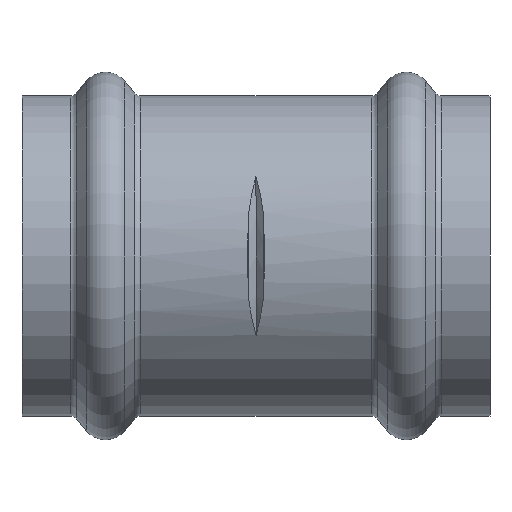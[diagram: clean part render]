
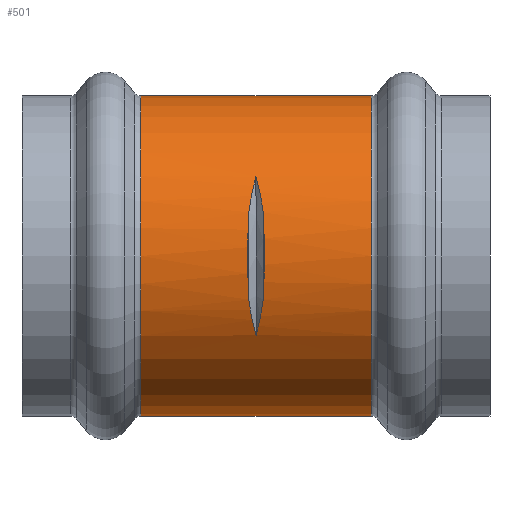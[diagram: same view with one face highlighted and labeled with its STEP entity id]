
A CAD part, front view. The second image highlights one B-rep face of the part: STEP entity #501.
In plain terms, the highlighted cylindrical face has radius 19.15 mm (diameter 38.3 mm), a partial arc.
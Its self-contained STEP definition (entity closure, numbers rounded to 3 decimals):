
#47 = EDGE_LOOP ( 'NONE', ( #655, #381, #93, #1516 ) ) ;
#91 = EDGE_LOOP ( 'NONE', ( #1649, #1735, #506, #459, #509, #1593 ) ) ;
#93 = ORIENTED_EDGE ( 'NONE', *, *, #1122, .T. ) ;
#103 = CARTESIAN_POINT ( 'NONE',  ( 1., -19.15, -0.424 ) ) ;
#195 = EDGE_CURVE ( 'NONE', #1580, #1938, #1861, .T. ) ;
#239 = DIRECTION ( 'NONE',  ( 0., 0., 1. ) ) ;
#250 = CARTESIAN_POINT ( 'NONE',  ( 0.985, -19.075, -1.753 ) ) ;
#260 = CARTESIAN_POINT ( 'NONE',  ( -0.953, -18.908, -3.515 ) ) ;
#276 = CARTESIAN_POINT ( 'NONE',  ( -16.83, 0., 19.15 ) ) ;
#309 = CARTESIAN_POINT ( 'NONE',  ( -0.859, -18.424, 5.223 ) ) ;
#335 = CARTESIAN_POINT ( 'NONE',  ( -13.778, 0., -19.15 ) ) ;
#374 = DIRECTION ( 'NONE',  ( 0., 0., -1. ) ) ;
#378 = CARTESIAN_POINT ( 'NONE',  ( 0., -16.629, -9.497 ) ) ;
#381 = ORIENTED_EDGE ( 'NONE', *, *, #1513, .T. ) ;
#412 = CARTESIAN_POINT ( 'NONE',  ( 0.941, -18.847, -3.505 ) ) ;
#424 = CARTESIAN_POINT ( 'NONE',  ( -0.906, -18.666, 4.369 ) ) ;
#431 = VERTEX_POINT ( 'NONE', #529 ) ;
#441 = EDGE_CURVE ( 'NONE', #1268, #1938, #1884, .T. ) ;
#444 = AXIS2_PLACEMENT_3D ( 'NONE', #1736, #863, #239 ) ;
#448 = AXIS2_PLACEMENT_3D ( 'NONE', #1951, #1282, #374 ) ;
#459 = ORIENTED_EDGE ( 'NONE', *, *, #1117, .T. ) ;
#501 = ADVANCED_FACE ( 'NONE', ( #1071, #1460 ), #1411, .T. ) ;
#506 = ORIENTED_EDGE ( 'NONE', *, *, #1215, .T. ) ;
#509 = ORIENTED_EDGE ( 'NONE', *, *, #1412, .T. ) ;
#528 = EDGE_CURVE ( 'NONE', #1508, #1385, #1281, .T. ) ;
#529 = CARTESIAN_POINT ( 'NONE',  ( -0.859, -18.424, -5.223 ) ) ;
#538 = CIRCLE ( 'NONE', #1425, 19.15 ) ;
#567 = VECTOR ( 'NONE', #1483, 1000. ) ;
#577 = CARTESIAN_POINT ( 'NONE',  ( 0.859, -18.424, -5.223 ) ) ;
#578 = CARTESIAN_POINT ( 'NONE',  ( -0.859, -18.424, 5.223 ) ) ;
#595 = CARTESIAN_POINT ( 'NONE',  ( 0.859, -18.424, -5.223 ) ) ;
#629 = CARTESIAN_POINT ( 'NONE',  ( 0.859, -18.424, 5.223 ) ) ;
#635 = CARTESIAN_POINT ( 'NONE',  ( -16.83, 0., -19.15 ) ) ;
#646 = CARTESIAN_POINT ( 'NONE',  ( 0.656, -17.995, -6.736 ) ) ;
#654 = CARTESIAN_POINT ( 'NONE',  ( -0.977, -19.029, 2.193 ) ) ;
#655 = ORIENTED_EDGE ( 'NONE', *, *, #441, .F. ) ;
#708 = CARTESIAN_POINT ( 'NONE',  ( 0.656, -17.995, 6.736 ) ) ;
#773 = CARTESIAN_POINT ( 'NONE',  ( 0.859, -18.424, -5.223 ) ) ;
#777 = VERTEX_POINT ( 'NONE', #378 ) ;
#783 = DIRECTION ( 'NONE',  ( 0., 0., 1. ) ) ;
#863 = DIRECTION ( 'NONE',  ( -1., 0., 0. ) ) ;
#878 = CARTESIAN_POINT ( 'NONE',  ( 0.953, -18.908, 3.515 ) ) ;
#903 = CARTESIAN_POINT ( 'NONE',  ( 0.37, -17.393, -8.159 ) ) ;
#931 = EDGE_CURVE ( 'NONE', #1816, #1508, #1550, .T. ) ;
#932 = CARTESIAN_POINT ( 'NONE',  ( 0., -16.629, -9.497 ) ) ;
#933 = VERTEX_POINT ( 'NONE', #1286 ) ;
#952 = CARTESIAN_POINT ( 'NONE',  ( -0.656, -17.995, 6.736 ) ) ;
#977 = CARTESIAN_POINT ( 'NONE',  ( -0.37, -17.393, -8.159 ) ) ;
#1025 = CARTESIAN_POINT ( 'NONE',  ( 0.859, -18.424, 5.223 ) ) ;
#1056 = VERTEX_POINT ( 'NONE', #578 ) ;
#1071 = FACE_OUTER_BOUND ( 'NONE', #47, .T. ) ;
#1104 = CARTESIAN_POINT ( 'NONE',  ( -0.941, -18.847, 3.505 ) ) ;
#1117 = EDGE_CURVE ( 'NONE', #431, #1056, #1222, .T. ) ;
#1122 = EDGE_CURVE ( 'NONE', #933, #1580, #1743, .T. ) ;
#1157 = CARTESIAN_POINT ( 'NONE',  ( 0.37, -17.393, 8.159 ) ) ;
#1166 = CARTESIAN_POINT ( 'NONE',  ( 0.997, -19.135, -0.868 ) ) ;
#1207 = CARTESIAN_POINT ( 'NONE',  ( 0., -16.629, 9.497 ) ) ;
#1215 = EDGE_CURVE ( 'NONE', #777, #431, #1257, .T. ) ;
#1219 = CARTESIAN_POINT ( 'NONE',  ( -0.859, -18.424, 5.223 ) ) ;
#1222 = B_SPLINE_CURVE_WITH_KNOTS ( 'NONE', 3,
 ( #1375, #260, #1640, #1224, #1237, #1249, #654, #1104, #424, #309 ),
 .UNSPECIFIED., .F., .F.,
 ( 4, 2, 2, 2, 4 ),
 ( 0., 0.005, 0.007, 0.008, 0.011 ),
 .UNSPECIFIED. ) ;
#1224 = CARTESIAN_POINT ( 'NONE',  ( -1., -19.15, 0.424 ) ) ;
#1237 = CARTESIAN_POINT ( 'NONE',  ( -0.997, -19.135, 0.868 ) ) ;
#1249 = CARTESIAN_POINT ( 'NONE',  ( -0.985, -19.075, 1.753 ) ) ;
#1257 = B_SPLINE_CURVE_WITH_KNOTS ( 'NONE', 3,
 ( #1728, #977, #1319, #1461 ),
 .UNSPECIFIED., .F., .F.,
 ( 4, 4 ),
 ( 0., 0.005 ),
 .UNSPECIFIED. ) ;
#1268 = VERTEX_POINT ( 'NONE', #1611 ) ;
#1278 = CARTESIAN_POINT ( 'NONE',  ( 0., -16.629, 9.497 ) ) ;
#1281 = B_SPLINE_CURVE_WITH_KNOTS ( 'NONE', 3,
 ( #1025, #878, #1752, #103, #1166, #250, #1321, #412, #1464, #577 ),
 .UNSPECIFIED., .F., .F.,
 ( 4, 2, 2, 2, 4 ),
 ( 0., 0.005, 0.007, 0.008, 0.011 ),
 .UNSPECIFIED. ) ;
#1282 = DIRECTION ( 'NONE',  ( 1., 0., 0. ) ) ;
#1286 = CARTESIAN_POINT ( 'NONE',  ( 13.778, 0., 19.15 ) ) ;
#1305 = CARTESIAN_POINT ( 'NONE',  ( -0.37, -17.393, 8.159 ) ) ;
#1319 = CARTESIAN_POINT ( 'NONE',  ( -0.656, -17.995, -6.736 ) ) ;
#1321 = CARTESIAN_POINT ( 'NONE',  ( 0.977, -19.029, -2.193 ) ) ;
#1364 = CARTESIAN_POINT ( 'NONE',  ( 0., -16.629, 9.497 ) ) ;
#1375 = CARTESIAN_POINT ( 'NONE',  ( -0.859, -18.424, -5.223 ) ) ;
#1385 = VERTEX_POINT ( 'NONE', #595 ) ;
#1395 = B_SPLINE_CURVE_WITH_KNOTS ( 'NONE', 3,
 ( #773, #646, #903, #932 ),
 .UNSPECIFIED., .F., .F.,
 ( 4, 4 ),
 ( 0., 0.005 ),
 .UNSPECIFIED. ) ;
#1400 = EDGE_CURVE ( 'NONE', #1385, #777, #1395, .T. ) ;
#1411 = CYLINDRICAL_SURFACE ( 'NONE', #444, 19.15 ) ;
#1412 = EDGE_CURVE ( 'NONE', #1056, #1816, #1814, .T. ) ;
#1425 = AXIS2_PLACEMENT_3D ( 'NONE', #1432, #1481, #783 ) ;
#1432 = CARTESIAN_POINT ( 'NONE',  ( 13.778, 0., 0. ) ) ;
#1437 = DIRECTION ( 'NONE',  ( -1., 0., 0. ) ) ;
#1460 = FACE_BOUND ( 'NONE', #91, .T. ) ;
#1461 = CARTESIAN_POINT ( 'NONE',  ( -0.859, -18.424, -5.223 ) ) ;
#1464 = CARTESIAN_POINT ( 'NONE',  ( 0.906, -18.666, -4.369 ) ) ;
#1481 = DIRECTION ( 'NONE',  ( -1., 0., 0. ) ) ;
#1483 = DIRECTION ( 'NONE',  ( -1., 0., 0. ) ) ;
#1508 = VERTEX_POINT ( 'NONE', #1666 ) ;
#1513 = EDGE_CURVE ( 'NONE', #1268, #933, #538, .T. ) ;
#1514 = VECTOR ( 'NONE', #1437, 1000. ) ;
#1516 = ORIENTED_EDGE ( 'NONE', *, *, #195, .T. ) ;
#1550 = B_SPLINE_CURVE_WITH_KNOTS ( 'NONE', 3,
 ( #1278, #1157, #708, #629 ),
 .UNSPECIFIED., .F., .F.,
 ( 4, 4 ),
 ( 0., 0.005 ),
 .UNSPECIFIED. ) ;
#1580 = VERTEX_POINT ( 'NONE', #1821 ) ;
#1593 = ORIENTED_EDGE ( 'NONE', *, *, #931, .T. ) ;
#1611 = CARTESIAN_POINT ( 'NONE',  ( 13.778, 0., -19.15 ) ) ;
#1640 = CARTESIAN_POINT ( 'NONE',  ( -1., -19.148, -1.78 ) ) ;
#1649 = ORIENTED_EDGE ( 'NONE', *, *, #528, .T. ) ;
#1666 = CARTESIAN_POINT ( 'NONE',  ( 0.859, -18.424, 5.223 ) ) ;
#1728 = CARTESIAN_POINT ( 'NONE',  ( 0., -16.629, -9.497 ) ) ;
#1735 = ORIENTED_EDGE ( 'NONE', *, *, #1400, .T. ) ;
#1736 = CARTESIAN_POINT ( 'NONE',  ( -16.83, 0., 0. ) ) ;
#1743 = LINE ( 'NONE', #276, #567 ) ;
#1752 = CARTESIAN_POINT ( 'NONE',  ( 1., -19.148, 1.78 ) ) ;
#1814 = B_SPLINE_CURVE_WITH_KNOTS ( 'NONE', 3,
 ( #1219, #952, #1305, #1364 ),
 .UNSPECIFIED., .F., .F.,
 ( 4, 4 ),
 ( 0., 0.005 ),
 .UNSPECIFIED. ) ;
#1816 = VERTEX_POINT ( 'NONE', #1207 ) ;
#1821 = CARTESIAN_POINT ( 'NONE',  ( -13.778, 0., 19.15 ) ) ;
#1861 = CIRCLE ( 'NONE', #448, 19.15 ) ;
#1884 = LINE ( 'NONE', #635, #1514 ) ;
#1938 = VERTEX_POINT ( 'NONE', #335 ) ;
#1951 = CARTESIAN_POINT ( 'NONE',  ( -13.778, 0., 0. ) ) ;

────────

▸ What you should do
Would you please repeat exactly the lines above, starting at the line with "#276 = CARTESIAN_POINT" and stopping at the line with "#374 = DIRECTION", both included?

▸ Exercise output
#276 = CARTESIAN_POINT ( 'NONE',  ( -16.83, 0., 19.15 ) ) ;
#309 = CARTESIAN_POINT ( 'NONE',  ( -0.859, -18.424, 5.223 ) ) ;
#335 = CARTESIAN_POINT ( 'NONE',  ( -13.778, 0., -19.15 ) ) ;
#374 = DIRECTION ( 'NONE',  ( 0., 0., -1. ) ) ;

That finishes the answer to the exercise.